# brancher une imprimante en RJ45 sans réseau internet ??



## jajard (11 Novembre 2011)

bonjour,

je voudrais brancher une imprimante directement en cable RJ45 sur mon macbook pro (10.6.8) sans internet : est ce possible ? si oui comment fait on? 
si non quelle serait la solution ? un cable spécifique ?

merci pour vos réponses, cela est assez urgent

antoine


----------



## PA5CAL (11 Novembre 2011)

Bonsoir





jajard a dit:


> je voudrais brancher une imprimante directement en cable RJ45 sur mon macbook pro (10.6.8) sans internet : est ce possible ?


La réponse est oui.

Pour ce faire, il faut configurer l'adaptateur Ethernet de ton Mac dans _Préférences Système>Réseau_, et éventuellement celui de ton imprimante (à voir dans son manuel d'utilisation) afin d'établir la liaison.

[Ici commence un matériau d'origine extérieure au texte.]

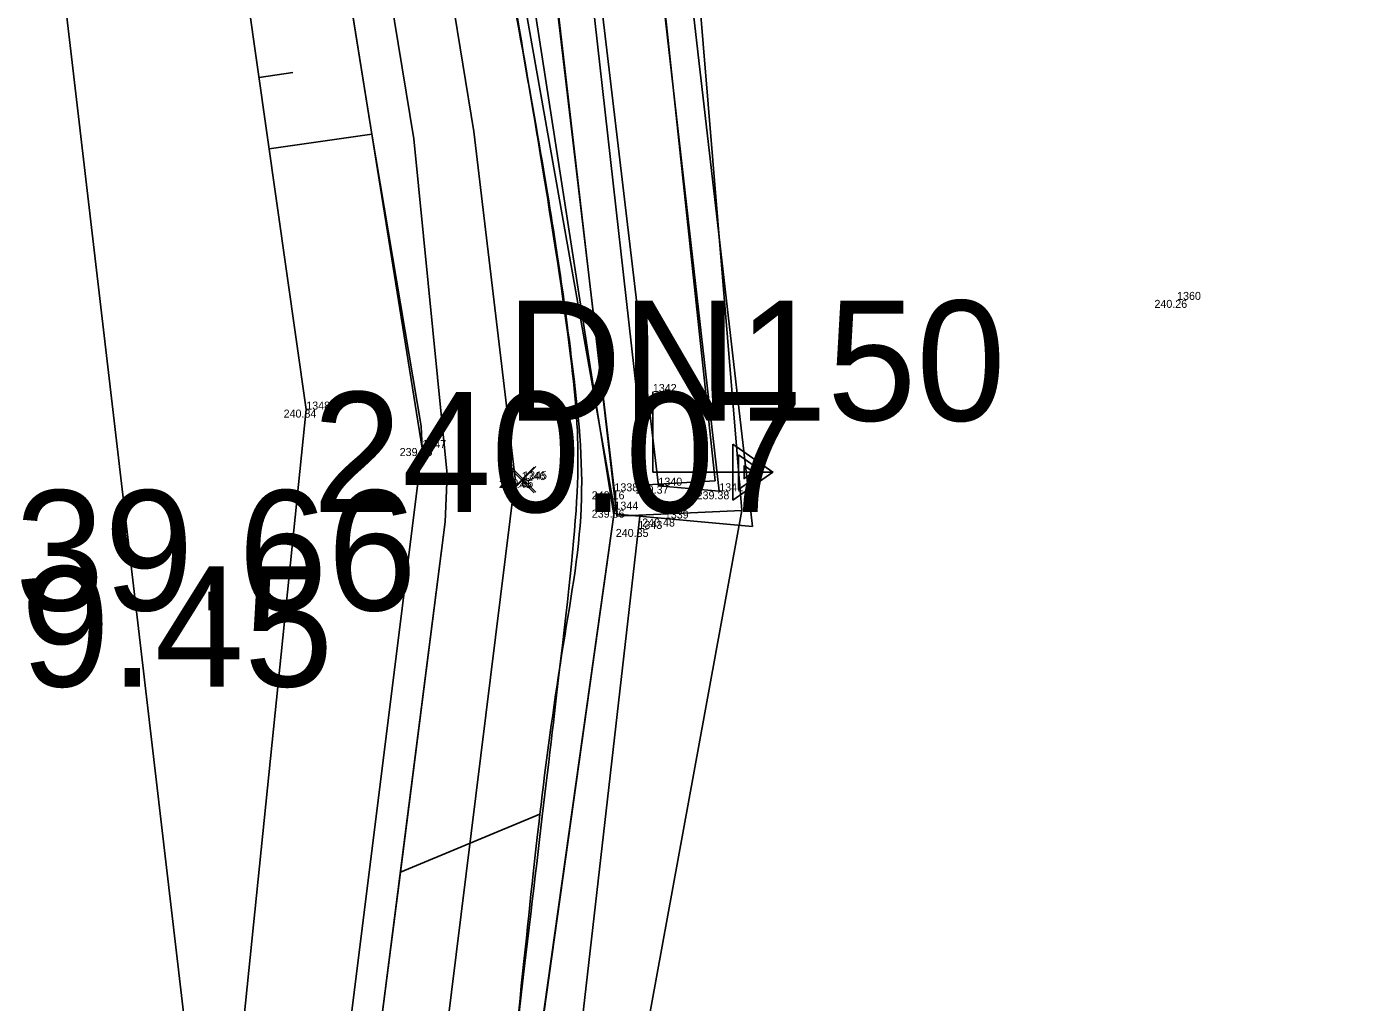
# Model space of a CAD drawing. Extents: x -555757 to -553364, y -1100723 to -1096439.
# Drawn here: x -553905.06 to -553888.24, y -1098914.94 to -1098902.76 of the extents above; entities that cross this region are included whole.
import ezdxf

# ---------------------------------------------------------------- set-up
doc = ezdxf.new("R2010")
doc.units = 0
for name, color, linetype in [('00_NÁVRH - 0.18 mm', 7, 'Continuous'), ('00_NÁVRH - 0.35 mm', 7, 'Continuous'), ('01_HLADINA', 7, 'Continuous'), ('Geodet. výšky - netisknuté', 7, 'Continuous'), ('HRANA$SVAHU', 7, 'Continuous'), ('HRANICE$PARCELY', 7, 'Continuous'), ('OSA$KOLEJI', 7, 'Continuous'), ('POPIS', 7, 'Continuous'), ('ROZHRANI', 7, 'Continuous'), ('SLUCKOV$$C$RA', 7, 'Continuous'), ('VODOVODY', 7, 'Continuous'), ('VYSKA_PODR_BOD', 7, 'Continuous'), ('VYSKOVE$SRAFY', 7, 'Continuous')]:
    doc.layers.add(name, color=color, linetype=linetype)

# ---------------------------------------------------------------- blocks, each defined once
blk = doc.blocks.new('POINT_DISPLAY')
blk.add_line((0, 0), (0, 0))
blk = doc.blocks.new('6$18')
at = {"layer": 'VODOVODY'}
for points in [[(0, 0), (0, -1), (1.5, -1)], [(1, -0.65), (1.5, -1), (1, -1.35), (1, -0.65)], [(1.07, -0.784), (1.378, -1), (1.07, -1.216), (1.07, -0.784)], [(1.14, -0.919), (1.256, -1), (1.14, -1.081), (1.14, -0.919)]]:
    blk.add_lwpolyline(points, dxfattribs=at)
blk = doc.blocks.new('BOD')
at = {"layer": 'POPIS'}
for p, q in [((-0.283, -0.283), (0.283, 0.283)), ((-0.283, 0.283), (0.283, -0.283))]:
    blk.add_line(p, q, dxfattribs=at)

msp = doc.modelspace()

# ---------------------------------------------------------------- linework, layer by layer
at = {"layer": '00_NÁVRH - 0.18 mm'}
for points in [[(-553947.788, -1099059.867), (-553935.377, -1099023.057), (-553925.589, -1098992.79), (-553914.105, -1098963.191), (-553902.24, -1098933.344), (-553901.606, -1098931.236), (-553900.811, -1098923.295), (-553898.96, -1098908.4), (-553899.478, -1098904.068), (-553900.725, -1098896.414), (-553901.4, -1098893.009), (-553901.337, -1098892.395), (-553901.104, -1098891.732), (-553884.458, -1098847.1)], [(-553942.062, -1099038.894), (-553935.99, -1099021.39), (-553928.935, -1098999.055), (-553926.84, -1098992.42), (-553922.458, -1098981.249), (-553916.003, -1098964.794), (-553911.939, -1098954.641), (-553909.255, -1098947.965), (-553903.25, -1098933.03), (-553903.005, -1098931.069), (-553900.12, -1098908.02), (-553900.136, -1098907.747), (-553900.75, -1098904.102), (-553902.469, -1098893.4), (-553902.5, -1098893.21), (-553902.5, -1098893.068), (-553902.439, -1098892.634), (-553902.302, -1098891.969), (-553902.077, -1098891.359), (-553899.834, -1098885.815), (-553893.94, -1098869.465), (-553889.919, -1098858.311), (-553887.458, -1098851.483), (-553885.715, -1098847.041)], [(-553946.39, -1099060.4), (-553933.906, -1099022.123), (-553924.31, -1098993.07), (-553913.795, -1098965.669), (-553901.23, -1098933.66), (-553900.818, -1098932.295), (-553900.55, -1098930.248), (-553899.67, -1098922.683), (-553897.726, -1098908.854), (-553898.025, -1098907), (-553899.515, -1098897.363), (-553900.336, -1098892.804), (-553883.522, -1098847.603)]]:
    msp.add_lwpolyline(points, dxfattribs=at)
at = {"layer": '00_NÁVRH - 0.35 mm'}
msp.add_lwpolyline([(-553948.493, -1099059.649), (-553935.545, -1099021.547), (-553926.445, -1098992.805), (-553915.734, -1098964.901), (-553914.927, -1098962.877), (-553903.079, -1098933.316), (-553902.406, -1098931.069), (-553901.65, -1098923.129), (-553899.834, -1098908.942), (-553899.809, -1098908.35), (-553900.227, -1098904.159), (-553901.487, -1098896.471), (-553902.129, -1098893.305), (-553902.102, -1098892.809), (-553902.038, -1098892.321), (-553901.906, -1098891.856), (-553885.171, -1098847.041)], dxfattribs=at)
msp.add_open_spline([(-553794.11, -1099299.314), (-553795.302, -1099298.083), (-553795.885, -1099297.697), (-553798.014, -1099296.378), (-553798.648, -1099296.009), (-553799.057, -1099295.868), (-553800.013, -1099295.626), (-553800.97, -1099295.434), (-553803.916, -1099294.978), (-553807.943, -1099294.404), (-553820.006, -1099292.714), (-553824.218, -1099292.087), (-553827.541, -1099291.556), (-553834.292, -1099290.18), (-553840, -1099289.072), (-553843.606, -1099288.311), (-553846.032, -1099287.854), (-553848.004, -1099287.449), (-553849.388, -1099287.281), (-553865.944, -1099285.252), (-553871.048, -1099284.805), (-553873.856, -1099284.514), (-553874.399, -1099284.43), (-553876.775, -1099283.969), (-553879.064, -1099283.332), (-553880.051, -1099283.031), (-553881.093, -1099282.392), (-553882.188, -1099281.754), (-553883.228, -1099281.083), (-553884.328, -1099279.969), (-553885.547, -1099278.713), (-553889.777, -1099274.4), (-553901.548, -1099262.428), (-553911.972, -1099251.719), (-553924.19, -1099239.3), (-553934.53, -1099228.739), (-553940.93, -1099222.274), (-553947.073, -1099216.541), (-553953.84, -1099210.491), (-553956.731, -1099207.941), (-553957.05, -1099207.628), (-553964.746, -1099199.605), (-553968.133, -1099195.981), (-553972.842, -1099191.048), (-553973.281, -1099190.444), (-553973.656, -1099189.74), (-553976.661, -1099181.556), (-553981.28, -1099169.188), (-553982.799, -1099164.023), (-553982.956, -1099163.184), (-553982.84, -1099162.204), (-553982.616, -1099160.636), (-553981.347, -1099154.446), (-553980.688, -1099150.992), (-553979.675, -1099146.656), (-553979.439, -1099145.68), (-553978.925, -1099144.071), (-553976.623, -1099137.958), (-553971.496, -1099124.445), (-553956.509, -1099083.004), (-553948.349, -1099063.109), (-553947.145, -1099060.166), (-553946.295, -1099057.429), (-553943.525, -1099049.31), (-553939.704, -1099037.846), (-553934.366, -1099021.961), (-553930.78, -1099011.15), (-553926.744, -1098998.785), (-553924.694, -1098992.816), (-553921.255, -1098983.982), (-553917.56, -1098974.667), (-553914.06, -1098965.564), (-553908.691, -1098951.909), (-553901.821, -1098934.804), (-553901.394, -1098933.668), (-553901.099, -1098932.553), (-553900.651, -1098929.575), (-553899.921, -1098923.604), (-553898.961, -1098915.482), (-553898.391, -1098910.691), (-553898.127, -1098908.396), (-553898.218, -1098907.183), (-553898.459, -1098905.433), (-553899.12, -1098901.506), (-553900.514, -1098893.561), (-553900.636, -1098892.888), (-553900.544, -1098892.328), (-553900.228, -1098891.412), (-553899.451, -1098889.266), (-553897.423, -1098883.769), (-553893.021, -1098871.924), (-553886.932, -1098855.681), (-553885.605, -1098852.197), (-553884.629, -1098849.656), (-553884.106, -1098848.151), (-553883.861, -1098847.39), (-553883.788, -1098846.997), (-553883.77, -1098846.594), (-553883.802, -1098846.171), (-553883.858, -1098845.819), (-553884.325, -1098844.246), (-553887.679, -1098834.274), (-553890.606, -1098825.191), (-553891.018, -1098823.527), (-553891.066, -1098823.121), (-553891.005, -1098822.697), (-553890.8, -1098821.707), (-553890.203, -1098818.823), (-553888.001, -1098807.301), (-553885.789, -1098795.251), (-553885.363, -1098792.934), (-553885.23, -1098792.173), (-553885.147, -1098791.711), (-553885.147, -1098791.302), (-553885.151, -1098791.006), (-553885.22, -1098790.609), (-553886.502, -1098784.837), (-553888.275, -1098776.483), (-553889.523, -1098771.371), (-553889.704, -1098770.489), (-553889.76, -1098769.236), (-553890.011, -1098761.77), (-553890.328, -1098747.9), (-553890.415, -1098743.459), (-553890.422, -1098742.114), (-553890.412, -1098741.338), (-553890.227, -1098740.638), (-553887.44, -1098731.802), (-553883.473, -1098718.833), (-553877.882, -1098700.91), (-553873.654, -1098687.07), (-553869.067, -1098673.807), (-553863.431, -1098657.948), (-553859.616, -1098647.384), (-553854.518, -1098632.992), (-553853.778, -1098630.91), (-553852.903, -1098628.215), (-553851.147, -1098622.78), (-553848.209, -1098613.648), (-553844.194, -1098601.116), (-553841.044, -1098590.723), (-553837.173, -1098577.952), (-553835.011, -1098570.679), (-553833.035, -1098564.139), (-553830.71, -1098556.281), (-553828.586, -1098548.945), (-553827.55, -1098545.495), (-553827.333, -1098544.629), (-553827.114, -1098543.601), (-553826.943, -1098542.73), (-553826.694, -1098541.466), (-553826.528, -1098540.348), (-553825.375, -1098531.946), (-553823.552, -1098519.221), (-553822.413, -1098510.953), (-553821.269, -1098503.56), (-553820.357, -1098496.716), (-553819.264, -1098489.108), (-553818.909, -1098486.041), (-553818.853, -1098485.532), (-553818.848, -1098485.156), (-553818.852, -1098484.16), (-553818.788, -1098477.885), (-553818.638, -1098467.214), (-553818.464, -1098454.698), (-553818.096, -1098433.157), (-553817.825, -1098416.015), (-553817.758, -1098409.125), (-553817.716, -1098406.971), (-553817.481, -1098400.257), (-553817.113, -1098388.412), (-553816.885, -1098378.571), (-553816.924, -1098376.341), (-553817.085, -1098375.505), (-553817.655, -1098372.671), (-553823.7, -1098343.15), (-553824.052, -1098341.595), (-553824.653, -1098340.008), (-553827.064, -1098334.584), (-553831.231, -1098324.895), (-553836.053, -1098314.241), (-553837.067, -1098312.263), (-553794.638, -1099298.639), (-553836.551, -1098313.247)], degree=3, dxfattribs=at)
at = {"layer": '01_HLADINA'}
for p, q in [((-553901.487, -1098896.471), (-553900.227, -1098904.159)), ((-553900.227, -1098904.159), (-553899.809, -1098908.35)), ((-553899.809, -1098908.35), (-553899.834, -1098908.942)), ((-553899.834, -1098908.942), (-553900.394, -1098913.317)), ((-553898.651, -1098912.59), (-553900.394, -1098913.317)), ((-553900.394, -1098913.317), (-553898.651, -1098912.59)), ((-553900.394, -1098913.317), (-553901.65, -1098923.129))]:
    msp.add_line(p, q, dxfattribs=at)
for points in [[(-553898.651, -1098912.59), (-553898.576, -1098911.957), (-553898.391, -1098910.559), (-553898.047, -1098908.761), (-553898.232, -1098906.998), (-553898.552, -1098904.701), (-553899.412, -1098900.167), (-553899.839, -1098895.974), (-553900.687, -1098892.928), (-553900.524, -1098892.19), (-553900.069, -1098891.007), (-553899.059, -1098888.138), (-553897.314, -1098883.489), (-553895.85, -1098879.544), (-553895.066, -1098877.43)], [(-553927.543, -1099001.209), (-553927.278, -1099000.401), (-553926.354, -1098997.594), (-553924.404, -1098991.798), (-553921.182, -1098983.816), (-553917.565, -1098974.761), (-553913.496, -1098964.024), (-553908.247, -1098950.734), (-553903.959, -1098940.137), (-553901.376, -1098933.695), (-553900.931, -1098931.954), (-553900.537, -1098928.578), (-553899.834, -1098922.891), (-553899.124, -1098917.226), (-553898.766, -1098913.554), (-553898.651, -1098912.59)]]:
    msp.add_open_spline(points, degree=3, dxfattribs=at)
at = {"layer": 'HRANA$SVAHU'}
for p, q in [((-553902.5, -1098893.21), (-553900.12, -1098908.02)), ((-553903.55, -1098893.61), (-553901.57, -1098907.54)), ((-553897.72, -1098908.79), (-553899.75, -1098897.36)), ((-553901.57, -1098907.54), (-553904.15, -1098932.71)), ((-553900.12, -1098908.02), (-553903.25, -1098933.03)), ((-553901.23, -1098933.66), (-553897.72, -1098908.79)), ((-553900.28, -1098933.97), (-553897.402, -1098908.871))]:
    msp.add_line(p, q, dxfattribs=at)
at = {"layer": 'HRANICE$PARCELY'}
for points in [[(-553905.08, -1098898.26), (-553904.36, -1098904.34), (-553902.71, -1098918.41), (-553903.57, -1098930.92), (-553917.2, -1098955.97), (-553924.62, -1098979.97), (-553942.06, -1099036.42), (-553962.73, -1099084.23), (-553967.43, -1099097.41), (-553978.87, -1099128.82), (-553980.54, -1099128.97)], [(-553900.5, -1098932.7), (-553896.13, -1098908.8), (-553896.91, -1098899.35)]]:
    msp.add_lwpolyline(points, dxfattribs=at)
at = {"layer": 'ROZHRANI'}
for p, q in [((-553899.031, -1098897.505), (-553897.687, -1098908.845)), ((-553898.48, -1098897.44), (-553897.17, -1098908.49)), ((-553896.41, -1098908.56), (-553897.46, -1098899.34)), ((-553895.993, -1098909.001), (-553897.08, -1098899.6)), ((-553897.17, -1098908.49), (-553896.41, -1098908.56)), ((-553897.687, -1098908.845), (-553895.993, -1098909.001))]:
    msp.add_line(p, q, dxfattribs=at)
at = {"layer": 'SLUCKOV$$C$RA'}
for p, q in [((-553899.03, -1098897.36), (-553897.69, -1098908.87)), ((-553897.31, -1098908.48), (-553898.57, -1098897.32)), ((-553897.43, -1098899.39), (-553896.46, -1098908.43)), ((-553896.46, -1098908.43), (-553897.31, -1098908.48)), ((-553897.69, -1098908.87), (-553896.13, -1098908.8))]:
    msp.add_line(p, q, dxfattribs=at)
at = {"layer": 'VYSKOVE$SRAFY'}
for p, q in [((-553902.16, -1098903.392), (-553901.737, -1098903.332)), ((-553902.033, -1098904.284), (-553900.75, -1098904.102))]:
    msp.add_line(p, q, dxfattribs=at)

# ---------------------------------------------------------------- block references
at = {"layer": 'POPIS', "xscale": 0.5624965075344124, "yscale": 0.5624965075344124}
for p in [(-553898.88, -1098908.42), (-553898.86, -1098908.41)]:
    msp.add_blockref('BOD', p, dxfattribs=at)
at = {"layer": 'ROZHRANI'}
for p in [(-553890.69, -1098906.17), (-553897.24, -1098907.32), (-553901.57, -1098907.54), (-553900.12, -1098908.02), (-553898.88, -1098908.42), (-553898.86, -1098908.41), (-553897.17, -1098908.49), (-553897.72, -1098908.56), (-553896.41, -1098908.56), (-553897.72, -1098908.79), (-553897.09, -1098908.9), (-553897.42, -1098909.03)]:
    msp.add_blockref('POINT_DISPLAY', p, dxfattribs=at)
at = {"layer": 'VODOVODY'}
msp.add_blockref('6$18', (-553897.24, -1098907.32), dxfattribs=at)

# ---------------------------------------------------------------- texts
at = {"layer": 'Geodet. výšky - netisknuté'}
for s, p in [('240.26', (-553890.973, -1098906.27)), ('240.84', (-553901.853, -1098907.64)), ('239.85', (-553900.403, -1098908.12)), ('239.45', (-553899.163, -1098908.52)), ('239.66', (-553899.143, -1098908.51)), ('239.37', (-553897.453, -1098908.59)), ('240.16', (-553898.003, -1098908.66)), ('239.38', (-553896.693, -1098908.66)), ('239.86', (-553898.003, -1098908.89)), ('240.48', (-553897.373, -1098909)), ('240.35', (-553897.703, -1098909.13))]:
    msp.add_text(s, height=0.1, dxfattribs=at).set_placement(p)
at = {"layer": 'OSA$KOLEJI'}
for s, p in [('1360', (-553890.69, -1098906.17)), ('1342', (-553897.24, -1098907.32)), ('1348', (-553901.57, -1098907.54)), ('1347', (-553900.12, -1098908.02)), ('1346', (-553898.88, -1098908.42)), ('1345', (-553898.86, -1098908.41)), ('1338', (-553897.72, -1098908.56)), ('1340', (-553897.17, -1098908.49)), ('1341', (-553896.41, -1098908.56)), ('1344', (-553897.72, -1098908.79)), ('1339', (-553897.09, -1098908.9)), ('1343', (-553897.42, -1098909.03))]:
    msp.add_text(s, height=0.1, dxfattribs=at).set_placement(p)
at = {"layer": 'POPIS'}
for s, p in [('DN150', (-553899.076, -1098907.679)), ('sediment 239.66', (-553915.021, -1098910.048)), ('dno 239.45', (-553911.271, -1098910.998))]:
    msp.add_text(s, height=1.5, dxfattribs=at).set_placement(p)
at = {"layer": 'VYSKA_PODR_BOD'}
msp.add_text('240.07', height=1.5, dxfattribs=at).set_placement((-553901.49, -1098908.82))

doc.saveas('drawing.dxf')

En l'absence de toute connexion avec un réseau possédant un serveur DHCP, il convient de définir l'adresse de l'adaptateur Ethernet du Mac manuellement. Il suffit de faire en sorte que l'adresse IP de l'imprimante et celle du Mac appartiennent au même sous-réseau : dans le cas où le masque de sous-réseau choisi serait 255.255.255.0, cela signifie que ces deux adresses doivent commencer par les trois mêmes premiers chiffres, et que le dernier chiffre est différent.


Question matériel, les adaptateurs Ethernet étant réversibles, n'importe quel câble RJ45 (droit ou croisé) d'une qualité suffisante (classe 5e pour 100Mb/s, classe 6 pour du Gigabit) devrait convenir a priori.


Une fois la liaison établie, il faut déclarer et configurer l'imprimante dans le système d'impression du Mac, dans _Préférences Système>Imprimantes et fax_. Plusieurs discussions ont déjà traité de cette question sur le forum.


----------